Fifth, a very high exchange rate. According to Finger, "we believe that Pakistan's nominal exchange rate should remain determined by the market and that any implied overvaluation of the real effective exchange rate can be corrected over the medium term with continued structural reforms, gradual increases in Pakistan's competitiveness, as well as with the aid of supportive policies. And by policies, I specifically mean fiscal and monetary ones as well as those about the financial sector.
However, the Fund noted in prior reviews that the authorities disagreed concerning over-valuation, and given Finger's admission that "the model estimates showed significant variation and thus they are only indicative" - a variation that prior reviews showed to be between 5 and 20 percent - it is almost a given that the authorities if the Fund insists on a prior condition in this regard, would try to minimize the correction with obviously continued negligibility
So what has the program accomplished with roughly 8 months left in the EFF? According to Finger, "At the start of the program, the macroeconomic stability was indeed in jeopardy and the nation stood on the verge of a crisis. Over 8% of GDP was spent on the budget deficit. A few weeks' worth of imports were left in the foreign exchange reserves. The nation was in danger. This government was able to turn things around and create conditions that almost eliminated any crisis risk and greatly reduced the underlying vulnerabilities by significantly reducing the fiscal deficit and substantially increasing foreign exchange reserves.
What about the compromise between deficit reduction and growth?
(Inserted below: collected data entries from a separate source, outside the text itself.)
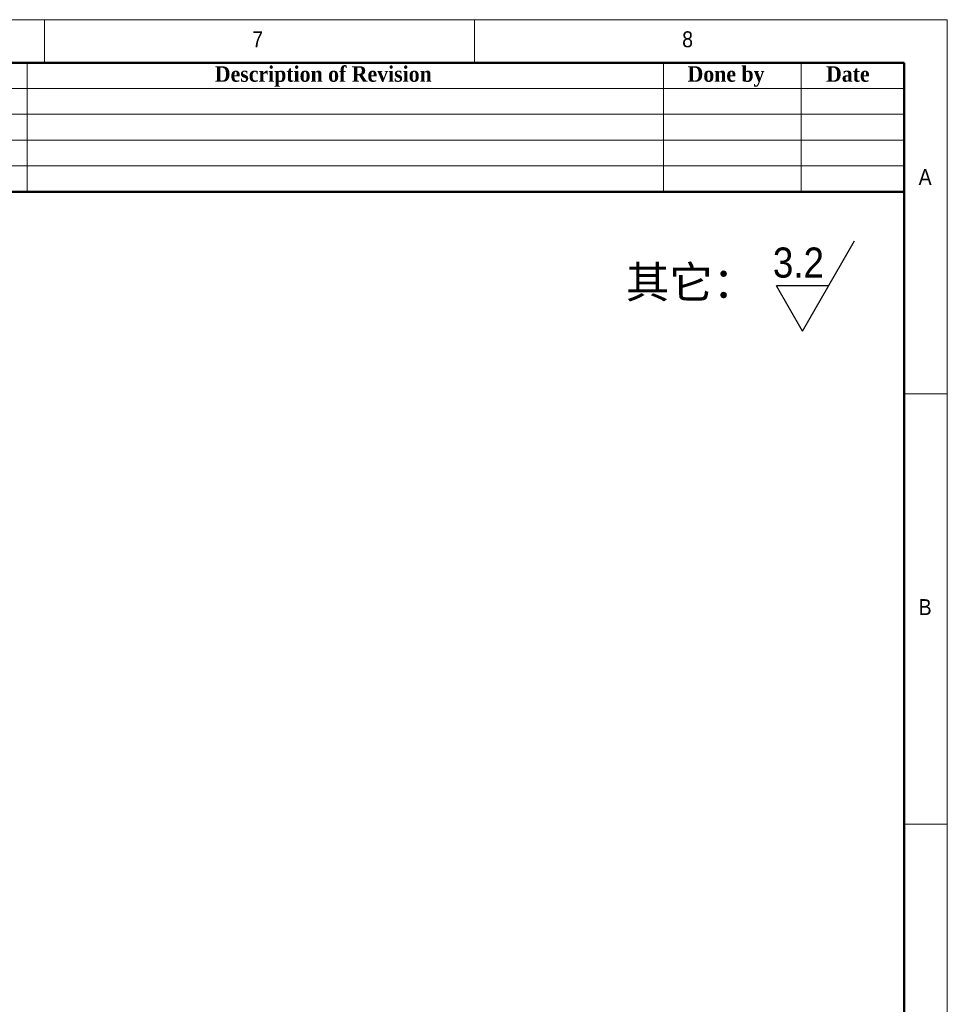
# Model space of a CAD drawing. Header units: millimetres. Extents: x 40 to 3320, y 40 to 2336.
# Tile 8 of 8: x 2457 to 3320, y 1420 to 2336. Entities that reach past the tile are written whole.
import ezdxf

# ---------------------------------------------------------------- set-up
doc = ezdxf.new("R2010")
doc.units = ezdxf.units.MM
doc.header["$LTSCALE"] = 8
doc.layers.add('DIMNS', color=7, linetype='Continuous')
doc.styles.add('SLDTEXTSTYLE0', font='arial.ttf', dxfattribs={"bigfont": 'bigfont'})
doc.styles.add('SLDTEXTSTYLE1', font='Gothic.ttf', dxfattribs={"width": 0.913})
doc.styles.add('SLDTEXTSTYLE2', font='timesbd.ttf', dxfattribs={"width": 0.933})

# ---------------------------------------------------------------- blocks, each defined once
blk = doc.blocks.new('SW_SFSYMBOL_0')
at = {"layer": 'DIMNS', "color": 0}
for p, q in [((27.47, -42), (75.97, 42)), ((27.47, -42), (3.23, 0)), ((51.72, 0), (3.23, 0))]:
    blk.add_line(p, q, dxfattribs=at)
at = {"layer": 'DIMNS', "color": 0, "insert": (0, 35.77), "char_height": 28, "attachment_point": 1, "style": 'SLDTEXTSTYLE1'}
blk.add_mtext('3.2', dxfattribs=at)

msp = doc.modelspace()

# ---------------------------------------------------------------- linework, layer by layer
at = {"color": 7, "linetype": 'Continuous', "lineweight": 18}
for p, q in [((3320, 2336), (40, 2336)), ((2480, 2336), (2480, 2296)), ((2880, 2296), (2880, 2336)), ((3320, 40), (3320, 2336)), ((80, 2296), (3280, 2296)), ((2464, 2296), (2464, 2176)), ((3056, 2296), (3056, 2176)), ((3184, 2296), (3184, 2176)), ((3280, 2296), (3280, 2176)), ((3280, 2296), (3280, 80)), ((2320, 2272), (3280, 2272)), ((2320, 2248), (3280, 2248)), ((2320, 2224), (3280, 2224)), ((2320, 2200), (3280, 2200)), ((3320, 1988), (3280, 1988)), ((3280, 1588), (3320, 1588))]:
    msp.add_line(p, q, dxfattribs=at)
at = {"color": 7, "linetype": 'Continuous', "lineweight": 50}
for p, q in [((3280, 2296), (80, 2296)), ((3280, 2296), (3280, 80)), ((3280, 2176), (2320, 2176))]:
    msp.add_line(p, q, dxfattribs=at)

# ---------------------------------------------------------------- block references
at = {"layer": 'DIMNS'}
msp.add_blockref('SW_SFSYMBOL_0', (3157.74, 2088.37), dxfattribs=at)

# ---------------------------------------------------------------- texts
at = {"color": 7, "linetype": 'Continuous', "lineweight": 0}
for s, insert, char_height, attachment_point, style in [('7', (2673.33, 2325.17), 14.82, 1, 'SLDTEXTSTYLE1'), ('8', (3073.33, 2325.17), 14.82, 1, 'SLDTEXTSTYLE1'), ('Description of Revision', (2739.45, 2292.69), 14.4, 2, 'SLDTEXTSTYLE2'), ('Done by', (3114.15, 2292.69), 14.4, 2, 'SLDTEXTSTYLE2'), ('Date', (3227.42, 2292.69), 14.4, 2, 'SLDTEXTSTYLE2'), ('A', (3293.33, 2197.17), 14.82, 1, 'SLDTEXTSTYLE1'), ('B', (3293.33, 1797.17), 14.82, 1, 'SLDTEXTSTYLE1')]:
    msp.add_mtext(s, dxfattribs=dict(at, insert=insert, char_height=char_height, attachment_point=attachment_point, style=style))
at = {"layer": 'DIMNS', "insert": (3020.93, 2106.73), "char_height": 29.633, "attachment_point": 1, "style": 'SLDTEXTSTYLE0'}
msp.add_mtext('其它：', dxfattribs=at)

doc.saveas('drawing.dxf')
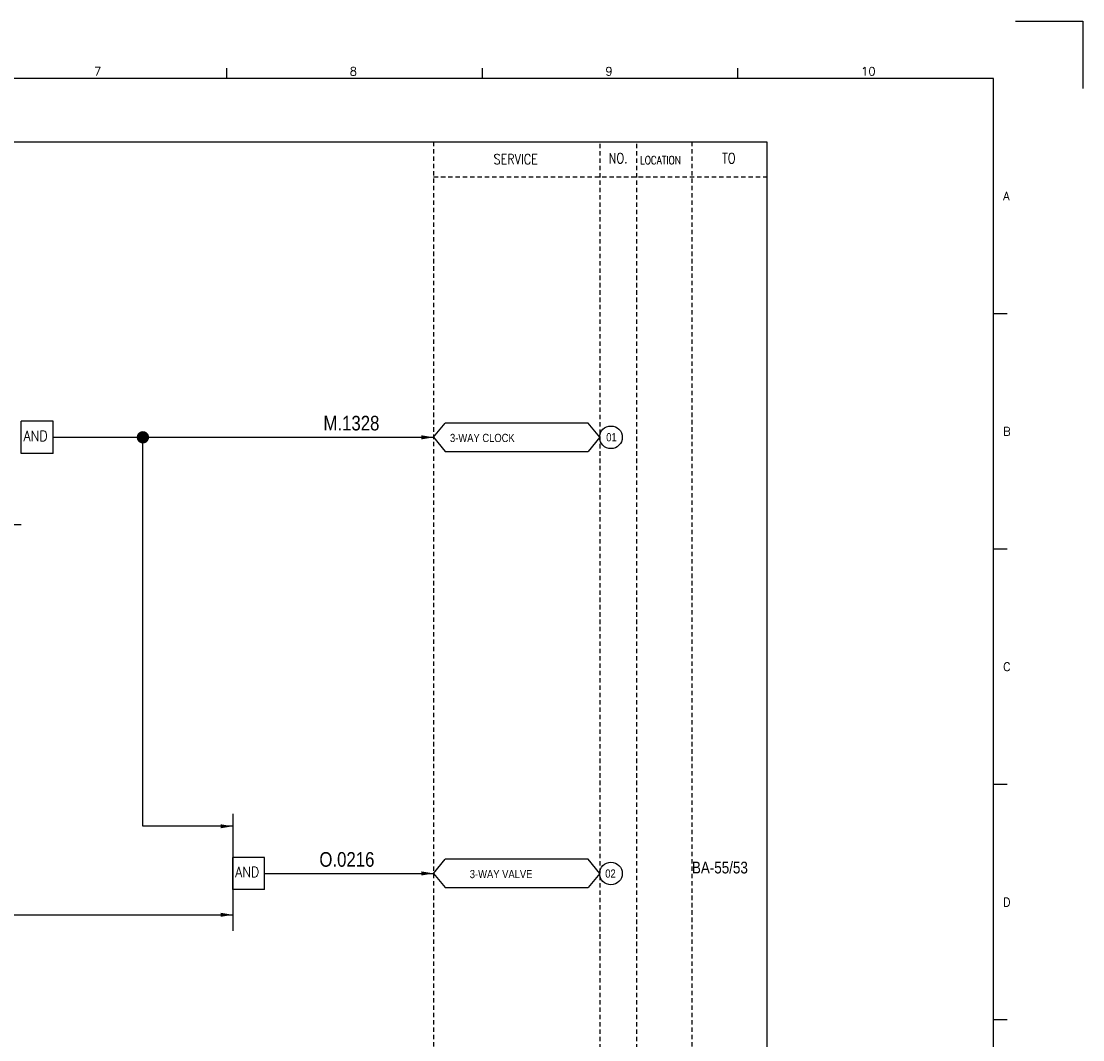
# Model space of a CAD drawing. Extents: x 1547 to 2513, y -183 to 500.
# Tile 4 of 4: x 2151 to 2513, y 152 to 500. Entities that reach past the tile are written whole.
import ezdxf
from ezdxf.enums import TextEntityAlignment as Align

# ---------------------------------------------------------------- set-up
doc = ezdxf.new("R2010")
doc.units = 0
doc.header["$MEASUREMENT"] = 0
doc.linetypes.add('HIDDEN', pattern=[4, 1.5, -1, 1.5])
doc.layers.get('0').update_dxf_attribs({"linetype": 'CONTINUOUS'})
doc.layers.get('DEFPOINTS').update_dxf_attribs({"linetype": 'CONTINUOUS'})
for name, color, linetype in [('CON', 4, 'CONTINUOUS'), ('DCS', 7, 'CONTINUOUS'), ('HID', 2, 'HIDDEN'), ('圖框CON', 4, 'CONTINUOUS'), ('框線', 6, 'CONTINUOUS')]:
    doc.layers.add(name, color=color, linetype=linetype)
doc.styles.add('DAYUKP', font='complex', dxfattribs={"bigfont": 'DAYUKP.SHX'})
doc.styles.add('ROMANS', font='romans', dxfattribs={"width": 0.8})
doc.styles.add('style3', font='ARIALN.TTF')

# ---------------------------------------------------------------- blocks, each defined once
blk = doc.blocks.new('LEADER')
at = {"layer": 'CON'}
blk.add_solid([(0.85, -0.57), (0.85, -1.57), (3.85, -1.07)], dxfattribs=at)
blk = doc.blocks.new('1')
at = {"layer": 'DEFPOINTS'}
blk.add_lwpolyline([(2189, 689.33), (2211.97, 689.33), (2211.97, 666.36)], dxfattribs=at)
at = {"layer": '圖框CON'}
for p, q in [((1919.66, 669.85), (1919.66, 673.29)), ((2006.95, 669.85), (2006.95, 673.29)), ((2094.24, 669.85), (2094.24, 673.29)), ((2186.14, 589.41), (2181.53, 589.41)), ((2186.14, 509.01), (2181.53, 509.01)), ((2186.14, 428.61), (2181.53, 428.61)), ((2186.14, 348.2), (2181.53, 348.2))]:
    blk.add_line(p, q, dxfattribs=at)
at = {"layer": '框線'}
for p, q in [((2181.53, 669.81), (1308.62, 669.81)), ((2181.53, 26.6), (2181.53, 669.81))]:
    blk.add_line(p, q, dxfattribs=at)
at = {"style": 'DAYUKP'}
for s, height, p in [('7', 2.87, (1874.39, 670.78)), ('8', 2.87, (1961.68, 670.78)), ('9', 2.87, (2048.97, 670.78)), ('10', 2.871, (2136.26, 670.78))]:
    blk.add_text(s, height=height, dxfattribs=at).set_placement(p)
for s, p in [('A', (2184.79, 629.6)), ('B', (2184.79, 549.2)), ('C', (2184.79, 468.8)), ('D', (2184.79, 388.39))]:
    blk.add_text(s, height=2.87, dxfattribs=at).set_placement(p, align=Align.MIDDLE_LEFT)

msp = doc.modelspace()

# ---------------------------------------------------------------- linework, layer by layer
at = {"layer": 'CON', "color": 6}
for p, q in [((2150.59, 352.07), (2150.59, 363.03)), ((2161.46, 363.03), (2150.59, 363.03)), ((2161.46, 352.07), (2161.46, 363.03)), ((2291.41, 357.55), (2295.31, 362.36)), ((2344.21, 362.36), (2295.31, 362.36)), ((2348.11, 357.55), (2344.21, 362.36)), ((2291.41, 357.55), (2295.31, 352.73)), ((2348.11, 357.55), (2344.21, 352.73)), ((2161.46, 352.07), (2150.59, 352.07)), ((2295.31, 352.73), (2344.21, 352.73)), ((2222.84, 228.95), (2222.84, 188.99)), ((2222.84, 203.1), (2222.84, 214.06)), ((2233.7, 214.06), (2222.84, 214.06)), ((2233.7, 203.1), (2233.7, 214.06)), ((2291.41, 208.57), (2295.31, 213.39)), ((2344.22, 213.39), (2295.31, 213.39)), ((2348.11, 208.57), (2344.22, 213.39)), ((2291.41, 208.57), (2295.31, 203.76)), ((2348.11, 208.57), (2344.22, 203.76)), ((2233.7, 203.1), (2222.84, 203.1)), ((2295.31, 203.76), (2344.22, 203.76))]:
    msp.add_line(p, q, dxfattribs=at)
at = {"layer": 'CON'}
for p, q in [((2161.46, 357.55), (2291.41, 357.55)), ((2192.14, 224.68), (2192.14, 357.55)), ((2150.59, 327.7), (2112.16, 327.7)), ((2222.84, 224.68), (2192.14, 224.68)), ((2233.7, 208.58), (2291.41, 208.57)), ((2059.85, 194.43), (2222.84, 194.43))]:
    msp.add_line(p, q, dxfattribs=at)
msp.add_lwpolyline([(1691.16, 458.47), (2405.16, 458.47), (2405.16, -41.33), (1691.16, -41.33)], close=True, dxfattribs=at)
at = {"layer": 'CON', "const_width": 2.1}
msp.add_lwpolyline([(2191.09, 357.55, 1), (2193.19, 357.55, 1)], format="xyb", close=True, dxfattribs=at)
at = {"layer": 'CON'}
for centre in [(2351.97, 357.55), (2351.97, 208.57)]:
    msp.add_circle(centre, 3.86, dxfattribs=at)
at = {"layer": 'HID'}
for p, q in [((2291.41, 458.47), (2291.41, -41.33)), ((2348.11, 457.77), (2348.11, -41.33)), ((2360.71, 457.77), (2360.71, -41.33)), ((2379.61, 458.47), (2379.61, -41.33)), ((2291.41, 446.57), (2405.16, 446.57))]:
    msp.add_line(p, q, dxfattribs=at)

# ---------------------------------------------------------------- block references
msp.add_blockref('1', (301.1, -189.64))
at = {"layer": 'CON', "xscale": 1.4, "yscale": 1.4, "zscale": 1.4}
for p in [(2286.02, 359.04), (2217.45, 226.17), (2286.02, 210.06), (2217.45, 195.93)]:
    msp.add_blockref('LEADER', p, dxfattribs=at)

# ---------------------------------------------------------------- texts
at = {"layer": 'CON', "style": 'ROMANS', "width": 0.8}
for s, p in [('SERVICE', (2319.45, 452.56)), ('NO.', (2354.41, 452.87)), ('TO', (2392.21, 452.87))]:
    msp.add_text(s, height=3.5, dxfattribs=at).set_placement(p, align=Align.MIDDLE)
at = {"layer": 'CON', "style": 'ROMANS'}
for s, height, width, p in [('LOCATION', 2.8, 0.8, (2361.85, 449.97)), ('AND', 3.5, 0.9, (2151.39, 355.23)), ('AND', 3.5, 0.9, (2223.63, 206.26))]:
    msp.add_text(s, height=height, dxfattribs=dict(at, width=width)).set_placement(p, align=Align.BOTTOM_LEFT)
at = {"layer": 'CON', "style": 'style3'}
for s, p in [('01', (2350.35, 355.34)), ('3-WAY CLOCK', (2297, 355.09)), ('3-WAY VALVE', (2303.76, 206.11)), ('02', (2350.02, 206.29))]:
    msp.add_text(s, height=2.8, dxfattribs=at).set_placement(p, align=Align.BOTTOM_LEFT)
msp.add_text('BA-55/53', height=4, dxfattribs=at).set_placement((2379.61, 208.57))
at = {"layer": 'DCS', "linetype": 'ByBlock', "style": 'style3'}
for s, p in [('M.1328', (2253.79, 359.89)), ('O.0216', (2252.4, 210.85))]:
    msp.add_text(s, height=5, dxfattribs=at).set_placement(p)

doc.saveas('drawing.dxf')

Finger claimed that this correlation does not apply to Pakistan since there are too many disparities in an interview with the Business Recorder from last year. But to reach the deficit reduction goals, development spending has been drastically cut, which is slowing down both growth and the pace at which the China-Pakistan Economic Corridor is being implemented. However, this only resulted in the government borrowing from the commercial banking sector, which is undoubtedly not encouraging for private sector investment and growth. Finger claimed success in preventing the government from borrowing from the SBP, which he stated "is quite encouraging for the medium term."
What about the Sharif administration's alleged significant reliance on external borrowing, which was leveled both by the opposition and economists? "An SBP report did highlight that Pakistan has not experienced inflows on this scale since 9/11, even though many of them are debt-creating," stated Finger in the conference call, summarizing everything.